As far as living on a hand out, with all the extensions, unemployment checks can be received for up to 99 weeks, depending upon specifics.

Therefore, there was no “…and counting…” included that can be attributed to me. Tho I would not be surprised were 99 weeks not the end of the grace freebie period … were it left to the Dims.

However, I remain by my original analysis… 99 weeks is way over the hump of the grace period for finding re’employment.

AV, (Thanks for your service.)

No, this extension allows more people to reach 99 weeks (or a bit less, depending) before being cut off of unemployment.
No one can legally get more than the 99 weeks Obama extended unemployment to back in April.

There has been some misreporting.

Here’s a clear statement:

Las Vegas Review-Journal

Nan G,

That makes it more clear. Thanks for your info as well. There has been some good data posted on this thread like Chris’ #21 and Aye’s #34. I wonder how many times it’ll have to be repeated on other threads in order to counter the same types of arguments.

@ Nan G, #49:

Thanks. I’d just tracked down where the 3 million figure had came from myself. It is, indeed, from the BLS’s Job Openings and Labor Turnover (JOLTS) survey. It presumably came from this table.

I’ll give the author of the editorial the benefit of the doubt, and assume that he or she has honestly misinterpreted, rather than deliberately misled.
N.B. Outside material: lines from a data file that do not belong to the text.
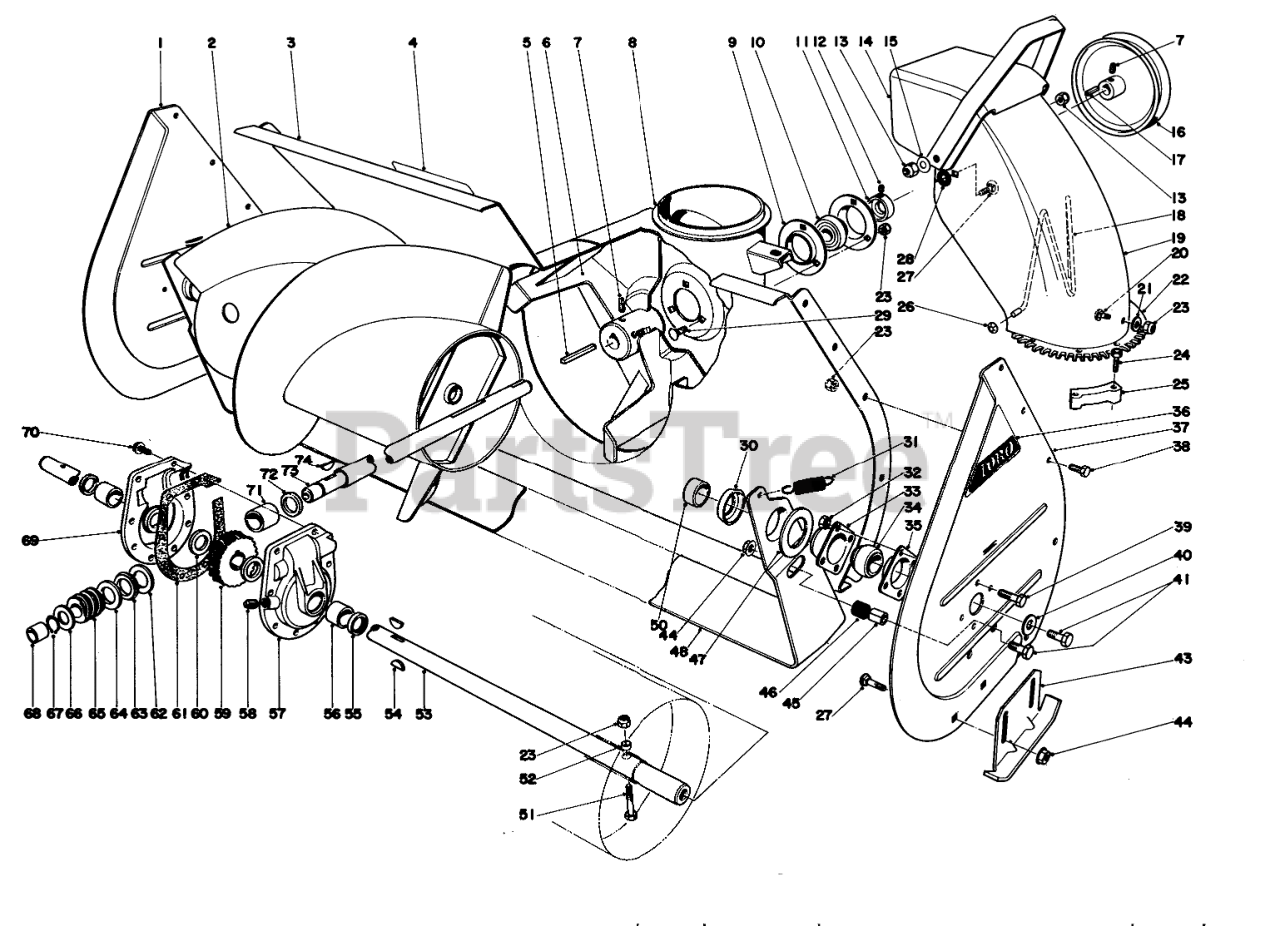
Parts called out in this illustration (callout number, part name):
1	Side Plate
2	RH AUGER ASM - 32"
3	AUGER HSG WA 32" R
4	Decal-Warning
6	IMPELLER ASM
7	SCREW-SET, SQH
8	CHUTE RING
9	BRG FLANGE
10	BALL BRG W/COLLAR
11	EXT LOCKING COLLAR
12	SCREW-HSH
13	NUT-LOCK, CONE
14	Deflector
15	WASHER-BELLEVILLE
16	1/2 X 9.5 DIA PULLEY
17	SQUARE KEY
18	WIRE-CHUTE
19	Upper Chute
20	SCREW-CARR
21	WASHER-PLAIN
22	Screw
23	NUT-LOCK, NI
24	SCREW-SPECIAL
25	RETAINER-CHUTE
26	NUT-PUSH
27	SCREW-CARR
28	WASHER-RUBBER
29	BOLT-CARR
30	Positioner-Scraper
31	SPRING-TENSION
32	NUT-LOCK, CONE
33	BEARING-FLANGE, FRONT
34	BEARING
35	BEARING-FLANGE, REAR
36	AUGER SIDE PLT DECAL
37	Side Plate L. H.
38	SCREW-HH
39	SCREW-HH
40	WASHER
41	SCREW-HH
43	AUGER SKID WA R
44	NUT-HF
45	SCRAPER STOP SPACER
46	SCRAPER STOP CUSHION
47	SCRAPER BLADE SPACER
48	SCRAPER BLADE 32" R
50	AUGER SPACER
51	Auger Bolt
52	SPACER-HUB, AUGER
53	32 AUGER SHAFT
54	KEY-WOODRUFF
55	SEAL-OIL
56	BUSHING
57	Gear Case L.H. (Incl. Ref. #55-56)
58	PLUG-PIPE, SQH
59	GEAR-WORM, 27T
60	WASHER-THRUST
61	Gasket
62	WASHER-THRUST
63	BEARING-THRUST
64	THRUST-WASHER
66	WASHER-THRUST
67	Ring-Snap
68	BUSHING
69	Gear Case R.H. (Incl. Ref. #55-56)
70	SCREW-HWHTF
71	BUSHING-SPECIAL
72	RING-QUAD
73	SHAFT-IMPELLER
74	KEY-WOODRUFF
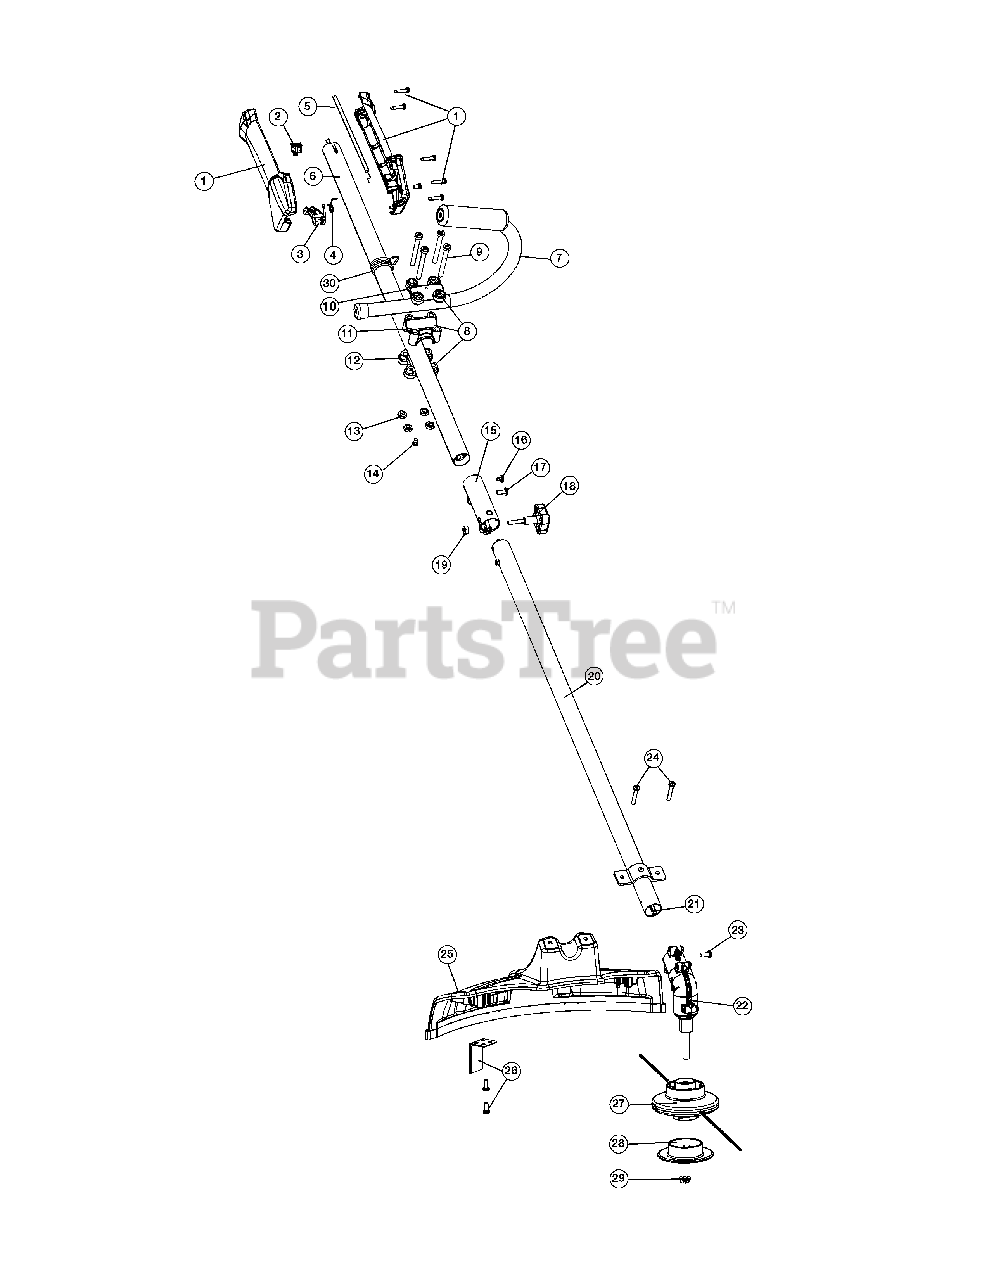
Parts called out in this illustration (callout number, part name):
1	Throttle Housing Assembly (Incl. 2-4)
3	Throttle Trigger
4	Throttle Trigger Spring
5	Throttle Cable
6	Upper Driver Shaft Housing Assembly
7	J-Handle Assembly
8	Handle Bracket Assembly
10	Upper Handle Clamp
11	Middle Handle Clamp
12	Lower Handle Clamp
14	Anti-Rotation Screw
15	Split Boom Coupler (Incl. 16-19)
18	Adjustment Knob (Incl. 19)
19	Knob Retaining Nut
20	Lower Driver Shaft Housing Assembly
21	Lower Flexible Drive Shaft
22	Gearbox Assembly
23	Anti-Rotation Screw
24	Shield Mounting Hardware
25	Shield Assembly (Incl. 26)
26	Blade Assembly
27	Fixed Line Head Assembly (Incl. 28 & 29)
30	Shoulder Strap Clip
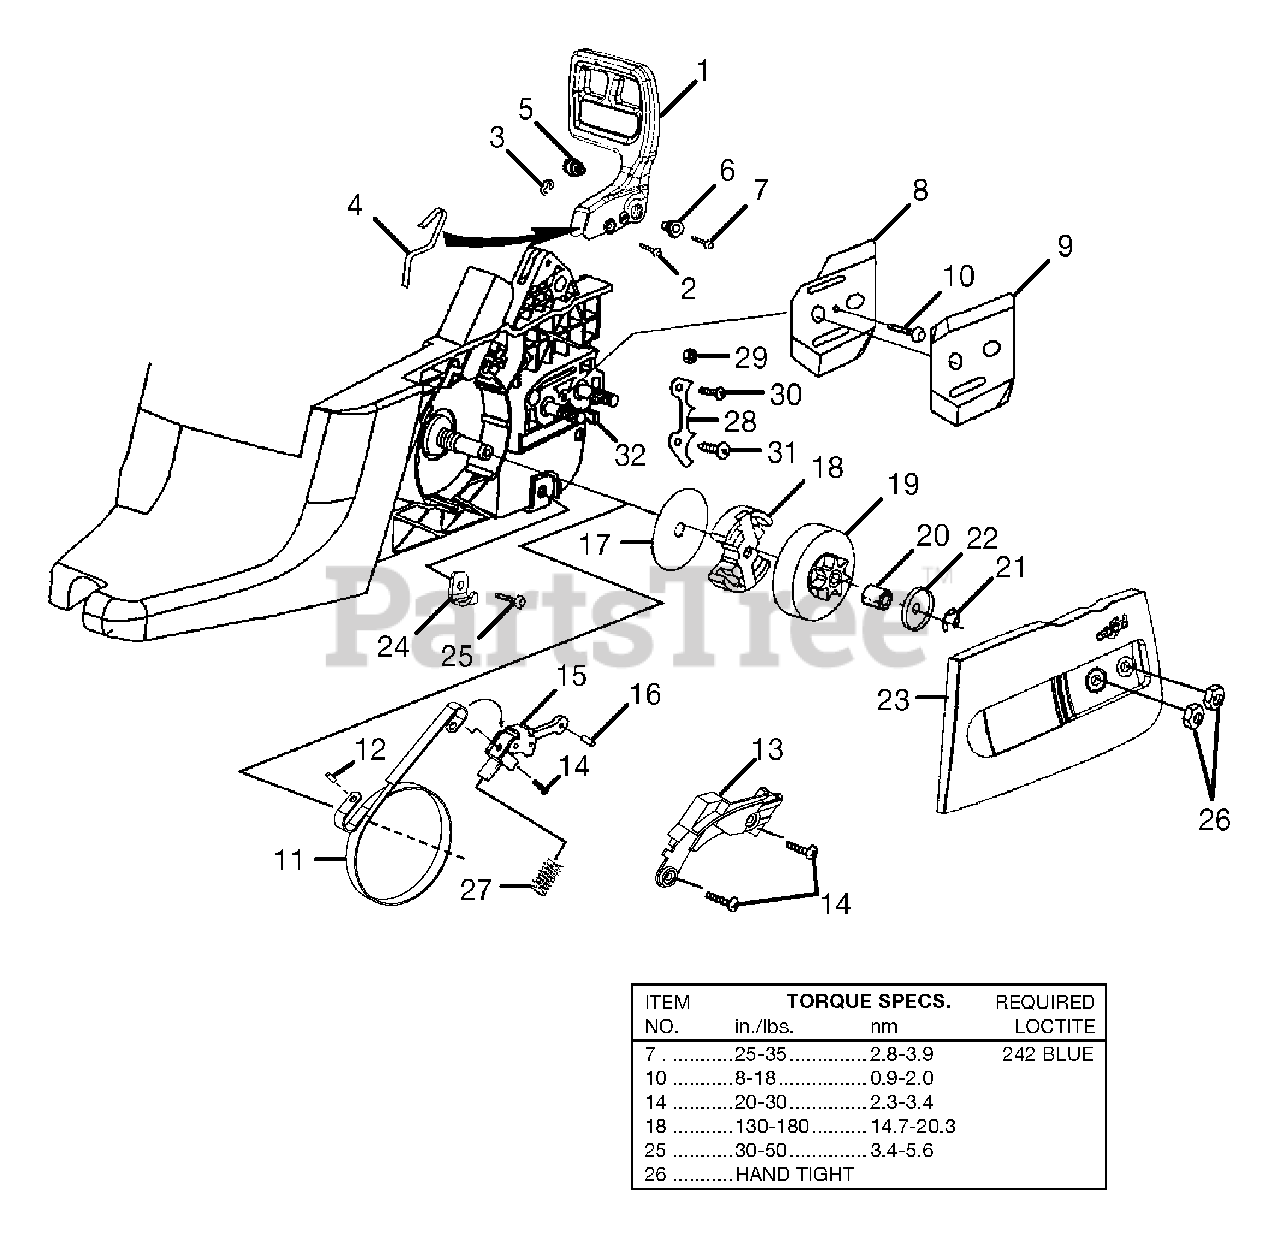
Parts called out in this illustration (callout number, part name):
1	HAND GUARD
2	HAND GUARD ACTUATING PIN
3	RETAINING RING
4	SPRING, HANDGUARD
5	PIVOT, LH
6	PIVOT, RH
7	SCREW (8-32 x 5/8 in.)
8	PLATE, GUIDE BAR
9	PLATE, GUIDE BAR
10	SCREW (6-19 x 1/2 in.)
11	BRAKE BAND
12	PIN, ROLL
13	BRAKE BAND COVER
14	SCREW (8-16 x .320 )
15	CHAIN BRAKE LINK
16	PIN, ROLL
17	THRUST WASHER
18	CLUTCH & HARDWARE
19	SPROKET DRUM (.325 PITCH)
20	BEARING, NEEDLE
21	RING, RETAINING
22	WASHER
23	DRIVE CASE COVER
24	CHAIN CATCHER
25	SCREW (10-24 x 1/2 in.)
26	NUT, HEX
27	SPRING, COMPRESSION
28	BUMPER SPIKE
29	LOCK NUT, HEX (10-24)
31	SCREW, TRUSS HD.
32	ADJUSTING PIN KIT

Apparently the author thinks that the number is a count of unfilled jobs actually waiting out there in the real world; of the number of Help Wanted signs that the lazy millions on unemployment are ignoring, or some such.

It isn’t.

What the figure actually represents is the anticipated number of positions that will need to be filled within the the next 30 days. The figure is projected by BLS based upon a statistical sampling of employers, who report their own business’s anticipated needs over the next 30 days as of the final business day of each month.

The reason the figure is misleading is because the biggest portion of the total anticipated openings reported don’t actually represent net job creation. JOLTS is primarily a measure of worker turnover, not additional jobs available. The figure in question is largely a reflection of employee mobility. It goes up markedly if a higher percentage of jobs are of brief duration, for example–something that’s certainly not indicative of stable employment situations. Many employees who have just lost a short-term position promptly fill one of those anticipated positions that was recently reported as needing to be filled on the Job Openings and Labor Turnover Survey. The suggestion of a second, new job waiting for some second person who’s been on unemployment was only an illusion. The first job is now gone. The number on JOLTS simply doesn’t reflect that fact.